Don't expect IRS to keep tabs on tax collections



By LAUREN E. WILLIS
LOS ANGELES TIMES
Once upon a time, the Internal Revenue Service proclaimed that its mission was "to collect the proper amount of tax revenue at the least cost, serve the public by continually improving the quality of our products and services and perform in a manner warranting the highest degree of public confidence in our integrity, efficiency and fairness."
Today's mission statement says nothing about cost containment or efficiency. The IRS's purpose now is "to provide America's taxpayers top-quality service by helping them understand and meet their tax responsibilities and by applying the tax law with integrity and fairness to all."
Unless Congress steps in to stop it, the IRS is set to begin implementing a wildly inefficient plan to outsource the collection of past-due taxes from those who owe $25,000 or less. IRS employees could collect these taxes for about 3 cents on the dollar, comparable to other federal programs' collection costs.
But Congress has not allowed the IRS, which is eliminating some of its most efficient enforcement staff, to hire the personnel it would need to do the job. Instead, the agency has signed contracts with private debt collectors allowing them to keep about 23 percent of every taxpayer dollar they retrieve. Employing these firms is almost eight times more expensive than relying on the IRS, but, according to IRS Commissioner Mark Everson, it fits in with the Bush administration's efforts to reduce the size of government.
Company fees
Over 10 years, the companies hired are projected to collect overdue taxes totaling $1.4 billion, $330 million of which the companies keep as fees. According to the IRS' own estimates, over those same 10 years, the agency could collect $87 billion in unpaid taxes at a cost of just under $300 million -- if allowed to hire sufficient personnel. In total, utilizing the private sector instead of augmenting IRS personnel would leave in the hands of delinquent taxpayers more than $85 billion owed to the federal government.
If these numbers seem too big to fathom, think of it this way: It is as if you were given the choice of investing $3,300 to make $14,000, or investing $3,000 to make $870,000, and you chose the investment with the higher price and lower return.
What could $85 billion buy?
More than 11 percent of the U.S. population under age 18 lacks health insurance. Using data from health insurers, the American Academy of Pediatrics estimates that the cost of a child's medical care in the U.S. averages less than $1,400 annually. Another $85 billion in the U.S. Treasury would be more than enough to cover the medical needs of all of our 8.3 million uninsured children for seven years.
Warren Buffett is giving $30 billion over 20 years to the Bill & amp; Melinda Gates Foundation. If the foundation spends that money on children's vaccinations, about 30 million children and their families and communities will benefit annually. Worldwide, about 32 million children born each year receive no vaccinations; $85 billion could vaccinate virtually all of them.

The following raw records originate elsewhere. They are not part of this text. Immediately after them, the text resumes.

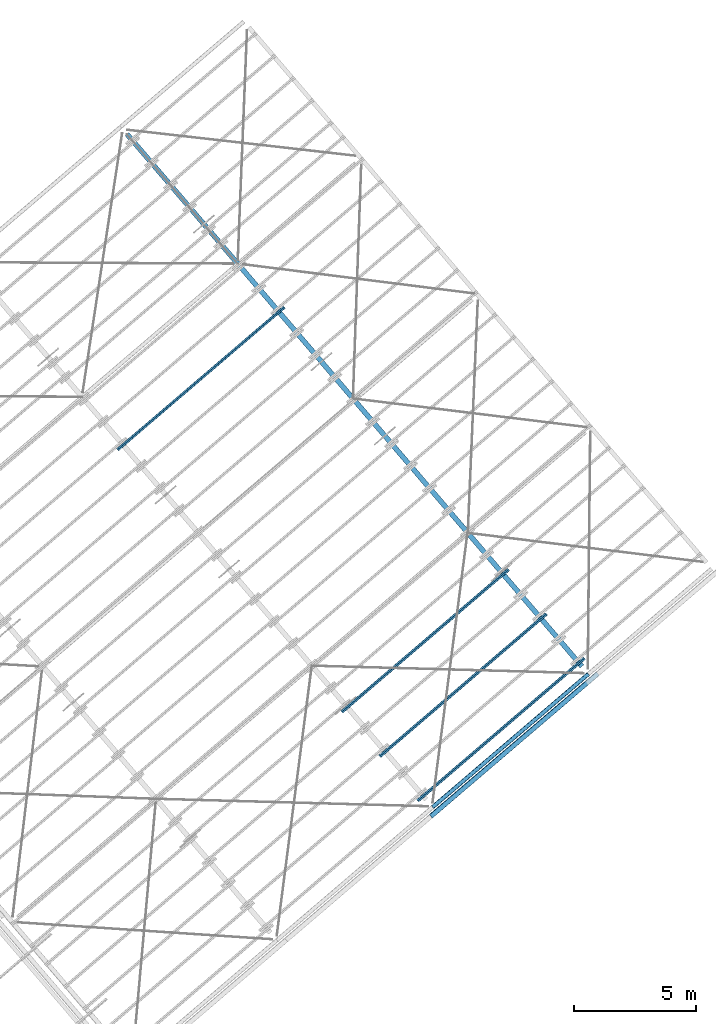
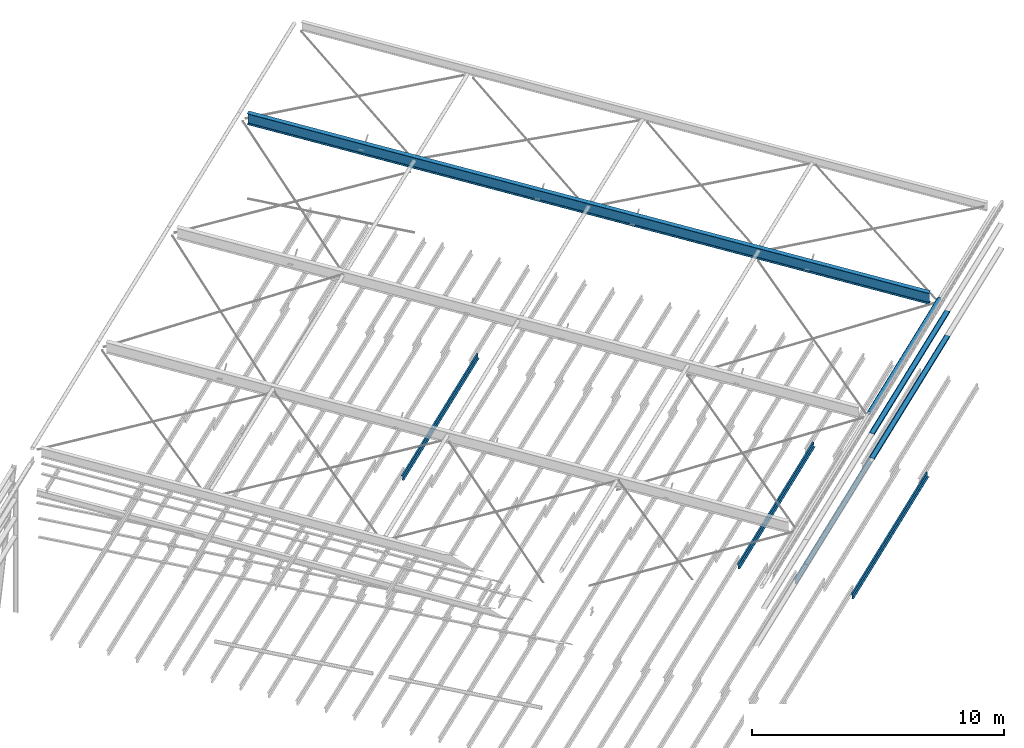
# One storey, part 14 of 25: 5 beams, 3 members, 2 elements without a shape of their own.
"""IFC2X3 building model written with IfcOpenShell, lengths in millimetres."""

from ifc_helpers import new_model, entity, si_unit, converted_unit, derived_unit, direction, frame, frame_2d, origin, origin_2d, origin_2d_with_axis, place, context, subcontext, project, spatial, polyline, circle_curve, parameter, trimmed, segment, composite_curve, hollow_circle, i_section, outline, extrude, clip, halfspace, source, transform, mapped, material, type_object, type_shapes, element, aggregate, save


model = new_model("IFC2X3")

# Units and contexts
model_context = context("Model", 3, precision=0.01, world=origin(), true_north=direction((6.123031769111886e-17, 1.0)))
body_context = subcontext(model_context, "Body", "Model", "MODEL_VIEW")
ifc_project = project(units=[si_unit("LENGTHUNIT", "METRE", prefix="MILLI"), si_unit("AREAUNIT", "SQUARE_METRE"), si_unit("VOLUMEUNIT", "CUBIC_METRE"), converted_unit("PLANEANGLEUNIT", "DEGREE", entity("IfcRatioMeasure", 0.017453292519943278), si_unit("PLANEANGLEUNIT", "RADIAN"), dimensions=[0, 0, 0, 0, 0, 0, 0]), si_unit("MASSUNIT", "GRAM", prefix="KILO"), derived_unit("MASSDENSITYUNIT", [(si_unit("MASSUNIT", "GRAM", prefix="KILO"), 1), (si_unit("LENGTHUNIT", "METRE"), -3)]), derived_unit("MOMENTOFINERTIAUNIT", [(si_unit("LENGTHUNIT", "METRE"), 4)]), si_unit("TIMEUNIT", "SECOND"), si_unit("FREQUENCYUNIT", "HERTZ"), si_unit("THERMODYNAMICTEMPERATUREUNIT", "DEGREE_CELSIUS"), derived_unit("THERMALTRANSMITTANCEUNIT", [(si_unit("MASSUNIT", "GRAM", prefix="KILO"), 1), (si_unit("THERMODYNAMICTEMPERATUREUNIT", "KELVIN"), -1), (si_unit("TIMEUNIT", "SECOND"), -3)]), derived_unit("VOLUMETRICFLOWRATEUNIT", [(si_unit("LENGTHUNIT", "METRE"), 3), (si_unit("TIMEUNIT", "SECOND"), -1)]), derived_unit("MASSFLOWRATEUNIT", [(si_unit("MASSUNIT", "GRAM", prefix="KILO"), 1), (si_unit("TIMEUNIT", "SECOND"), -1)]), derived_unit("ROTATIONALFREQUENCYUNIT", [(si_unit("TIMEUNIT", "SECOND"), -1)]), si_unit("ELECTRICCURRENTUNIT", "AMPERE"), si_unit("ELECTRICVOLTAGEUNIT", "VOLT"), si_unit("POWERUNIT", "WATT"), si_unit("FORCEUNIT", "NEWTON", prefix="KILO"), si_unit("ILLUMINANCEUNIT", "LUX"), si_unit("LUMINOUSFLUXUNIT", "LUMEN"), si_unit("LUMINOUSINTENSITYUNIT", "CANDELA"), derived_unit("USERDEFINED", [(si_unit("MASSUNIT", "GRAM", prefix="KILO"), -1), (si_unit("LENGTHUNIT", "METRE"), -2), (si_unit("TIMEUNIT", "SECOND"), 3), (si_unit("LUMINOUSFLUXUNIT", "LUMEN"), 1)]), derived_unit("SOUNDPOWERUNIT", [(si_unit("MASSUNIT", "GRAM", prefix="KILO"), 1), (si_unit("LENGTHUNIT", "METRE"), 2), (si_unit("TIMEUNIT", "SECOND"), -3)]), derived_unit("LINEARVELOCITYUNIT", [(si_unit("LENGTHUNIT", "METRE"), 1), (si_unit("TIMEUNIT", "SECOND"), -1)]), si_unit("PRESSUREUNIT", "PASCAL"), derived_unit("USERDEFINED", [(si_unit("LENGTHUNIT", "METRE"), -2), (si_unit("MASSUNIT", "GRAM", prefix="KILO"), 1), (si_unit("TIMEUNIT", "SECOND"), -2)]), derived_unit("LINEARFORCEUNIT", [(si_unit("MASSUNIT", "GRAM", prefix="KILO"), 1), (si_unit("LENGTHUNIT", "METRE"), 1), (si_unit("TIMEUNIT", "SECOND"), -2), (si_unit("LENGTHUNIT", "METRE"), -1)]), derived_unit("PLANARFORCEUNIT", [(si_unit("MASSUNIT", "GRAM", prefix="KILO"), 1), (si_unit("LENGTHUNIT", "METRE"), 1), (si_unit("TIMEUNIT", "SECOND"), -2), (si_unit("LENGTHUNIT", "METRE"), -2)])], contexts=[model_context])

# Site, building, storey
site_placement = place(None, frame((962.4174930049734, -6014.433753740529, 0.0), z_axis=(0.0, 0.0, 1.0), x_axis=(0.7601792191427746, 0.649713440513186, 0.0)))
site = spatial("IfcSite", under=ifc_project, at=site_placement, Name="Default", CompositionType="ELEMENT")
building_placement = place(site_placement, origin())
building = spatial("IfcBuilding", under=site, at=building_placement, CompositionType="ELEMENT")
storey_placement = place(building_placement, frame((0.0, 0.0, 9200.0)))
storey = spatial("IfcBuildingStorey", under=building, at=storey_placement, Name="TOP OF CEILING", CompositionType="ELEMENT", Elevation=9200.000000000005)

# Beam
ifc_material_1 = material(Name="Metal - Steel - 300 MPa")
beam_type_1 = type_object("IfcBeamType", Name="ADSK_AU_CHS-Circular Hollow Sections (AS 1163_C350):168.3x6.4CHS", PredefinedType="NOTDEFINED")
beam_1_placement = place(storey_placement, frame((170738.96020470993, -25988.428082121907, 2036.6362333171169)))
element("IfcBeam", 1, at=beam_1_placement, inside=storey, type_object=beam_type_1, material=ifc_material_1, Name="ADSK_AU_CHS-Circular Hollow Sections (AS 1163_C350):168.3x6.4CHS", ObjectType="ADSK_AU_CHS-Circular Hollow Sections (AS 1163_C350):168.3x6.4CHS", context=body_context, shape_type="SweptSolid", body=[
    extrude(hollow_circle(Radius=84.15000000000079, WallThickness=6.4000000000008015, at=origin_2d_with_axis()), frame((0.0, 0.0, -84.15000000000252), z_axis=(1.0, 0.0, 0.0), x_axis=(0.0, 1.0, 0.0)), (0.0, 0.0, 1.0), 8401.100000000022),
])

# Members
ifc_material_2 = material(Name="Metal - Steel - 345 MPa")
member_type_1 = type_object("IfcMemberType", Name="ADSK_AU_Light Gauge-Zeds:Z20012", PredefinedType="BRACE", material=ifc_material_2)
shared_shape_1 = source(origin(), body_context, "Body", "SweptSolid", [
    extrude(outline(composite_curve([segment(polyline([(-98.30000000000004, -66.44000000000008), (-82.0, -66.44000000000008)]), True, "CONTINUOUS"), segment(polyline([(-82.0, -66.44000000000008), (-82.0, -65.24000000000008)]), True, "CONTINUOUS"), segment(polyline([(-82.0, -65.24000000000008), (-98.29999999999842, -65.24000000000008)]), True, "CONTINUOUS"), segment(trimmed(circle_curve(frame_2d((-98.30000000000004, -63.24000000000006), x_axis=(0.0, -1.0)), 2.0000000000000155), [parameter(270.00000000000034)], [parameter(0.0)], True, "PARAMETER"), False, "CONTINUOUS"), segment(polyline([(-100.3, -63.24000000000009), (-100.29999999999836, -6.440000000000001)]), True, "CONTINUOUS"), segment(trimmed(circle_curve(frame_2d((-98.29999999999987, -6.439999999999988), x_axis=(-1.0, 0.0)), 1.9999999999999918), [parameter(269.9999999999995)], [parameter(0.0)], True, "PARAMETER"), False, "CONTINUOUS"), segment(polyline([(-98.29999999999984, -4.439999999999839), (98.30000000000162, -4.439999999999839)]), True, "CONTINUOUS"), segment(trimmed(circle_curve(frame_2d((98.29999999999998, -1.239999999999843), x_axis=(0.0, -1.0)), 3.199999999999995), [parameter(0.0)], [parameter(90.00000000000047)], True, "PARAMETER"), True, "CONTINUOUS"), segment(polyline([(101.49999999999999, -1.2399999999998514), (101.50000000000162, 68.3599999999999)]), True, "CONTINUOUS"), segment(trimmed(circle_curve(frame_2d((98.29999999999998, 68.35999999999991), x_axis=(1.0, 0.0)), 3.2000000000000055), [parameter(0.0)], [parameter(90.00000000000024)], True, "PARAMETER"), True, "CONTINUOUS"), segment(polyline([(98.3, 71.5599999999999), (82.0, 71.5599999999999)]), True, "CONTINUOUS"), segment(polyline([(82.0, 71.5599999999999), (82.0, 70.3599999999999)]), True, "CONTINUOUS"), segment(polyline([(82.0, 70.3599999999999), (98.30000000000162, 70.3599999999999)]), True, "CONTINUOUS"), segment(trimmed(circle_curve(frame_2d((98.29999999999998, 68.35999999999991), x_axis=(0.0, 1.0)), 1.9999999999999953), [parameter(269.99999999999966)], [parameter(0.0)], True, "PARAMETER"), False, "CONTINUOUS"), segment(polyline([(100.29999999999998, 68.3599999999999), (100.30000000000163, -1.2399999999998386)]), True, "CONTINUOUS"), segment(trimmed(circle_curve(frame_2d((98.29999999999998, -1.2399999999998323), x_axis=(1.0, 0.0)), 2.000000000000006), [parameter(270.00000000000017)], [parameter(0.0)], True, "PARAMETER"), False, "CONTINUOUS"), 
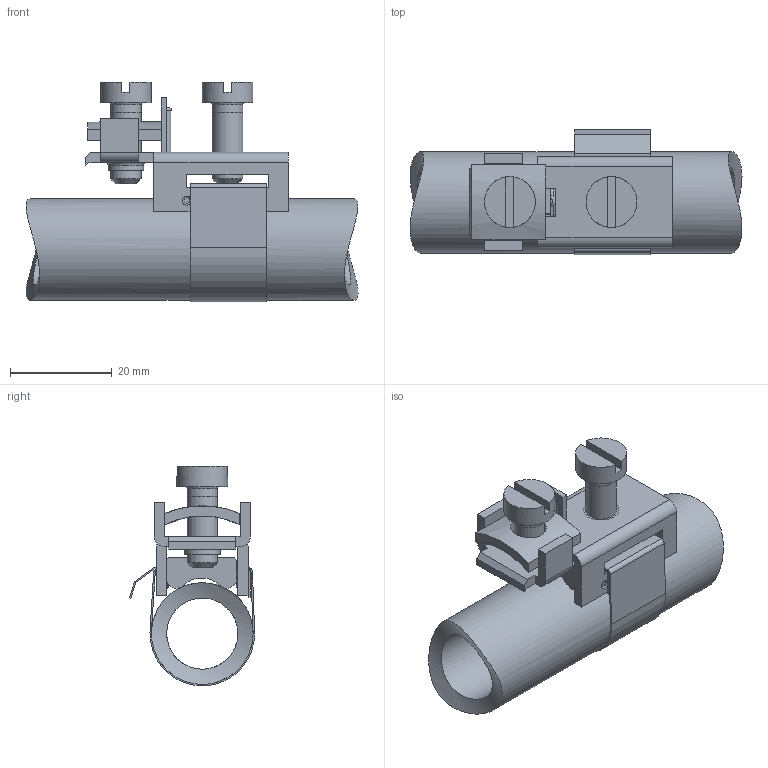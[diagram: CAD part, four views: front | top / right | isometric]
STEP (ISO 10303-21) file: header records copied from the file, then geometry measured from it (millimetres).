
FILE_DESCRIPTION(/* description */ ('Unknown'),/* implementation_level */ '2;1');
FILE_NAME(/* name */ 'ZS 16 VK',/* time_stamp */ '2021-10-13T11:26:59+02:00',/* author */ ('Unknown'),/* organization */ ('Unknown'),/* preprocessor_version */ 'ST-DEVELOPER v16.7',/* originating_system */ 'Solid Edge',/* authorisation */ 'Unknown');
FILE_SCHEMA (('AUTOMOTIVE_DESIGN {1 0 10303 214 3 1 1}'));
Length unit declared in the file: millimetre
Products named in the file (1): ZS 16 VK
Bounding box: 65.36 x 24.64 x 43.21 mm (x, y, z)
Volume: 15097.1 mm3; surface area: 14964.6 mm2
Topology: 1 solids, 1 shells, 195 faces, 520 edges, 340 vertices
Faces by surface type: plane 124, cylinder 40, torus 27, bspline 2, cone 2
Full cylindrical faces by diameter (mm): 1.2 x4, 6 x6, 7 x3, 10 x2, 14 x1, 20 x1
Entity records: 7279 total; most frequent: CARTESIAN_POINT 1213, DIRECTION 956, ORIENTED_EDGE 932, EDGE_CURVE 466, AXIS2_PLACEMENT_3D 325, VERTEX_POINT 322, LINE 306, VECTOR 306
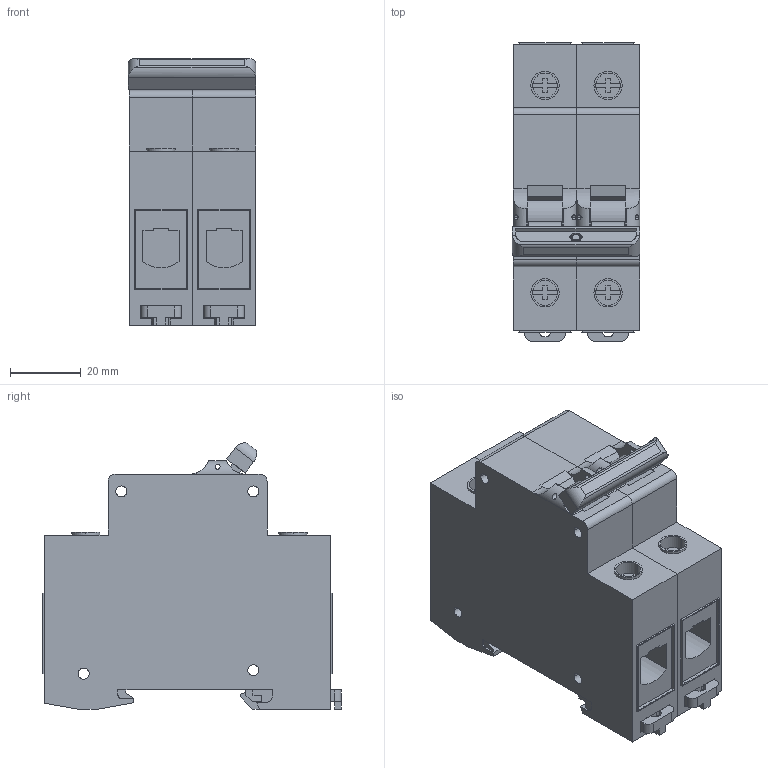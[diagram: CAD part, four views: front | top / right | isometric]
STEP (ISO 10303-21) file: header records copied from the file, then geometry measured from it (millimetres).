
FILE_DESCRIPTION((''),'2;1');
FILE_NAME('SWITCH_2P_3D-SIMPLIFIED_ASM','2012-09-05T',('Nyco'),(''),'PRO/ENGINEER BY PARAMETRIC TECHNOLOGY CORPORATION, 2006170','PRO/ENGINEER BY PARAMETRIC TECHNOLOGY CORPORATION, 2006170','');
FILE_SCHEMA(('CONFIG_CONTROL_DESIGN'));
Length unit declared in the file: millimetre
Products named in the file (7): COQUE; MANETTE; CLIP; VIS_7D; BLOCK_01_ASM; EXTENSION_MANETTE_02_2P; SWITCH_2P_3D-SIMPLIFIED_ASM
Assembly tree (8 placements, depth 3):
  SWITCH_2P_3D-SIMPLIFIED_ASM
    BLOCK_01_ASM  x2
      COQUE
      MANETTE
      CLIP
      VIS_7D
    EXTENSION_MANETTE_02_2P
Bounding box: 36 x 84.5 x 75.44 mm (x, y, z)
Volume: 155465.5 mm3; surface area: 41341.2 mm2
Topology: 11 solids, 11 shells, 561 faces, 1505 edges, 994 vertices
Faces by surface type: plane 419, cylinder 142
Entity records: 9096 total; most frequent: CARTESIAN_POINT 1746, ORIENTED_EDGE 1504, DIRECTION 1470, EDGE_CURVE 752, VECTOR 602, LINE 602, VERTEX_POINT 496, AXIS2_PLACEMENT_3D 434

Congress has allocated about $4 billion to shore up the levees devastated by Hurricane Katrina. Experts say closer to $32 billion is needed to reconstruct and reinforce the system to protect the New Orleans area from flooding in a Category 5 storm. That $85 billion would be more than sufficient to accomplish this, with enough left over to spend about $245,000 apiece on rebuilding the approximately 220,000 houses and apartments that were destroyed or seriously damaged by the flooding.
The handful of companies chosen to round up the taxes will profit handsomely, as will the thousands of delinquent taxpayers who will evade collection. We who pay our taxes in full every year are footing the bill. The mission of today's IRS seems to be safeguarding shirking taxpayers and distributing taxpayer dollars to private corporations. That's not just mission creep; it's efficiency, integrity and fairness turned upside down.
Willis is associate professor at Loyola Law School.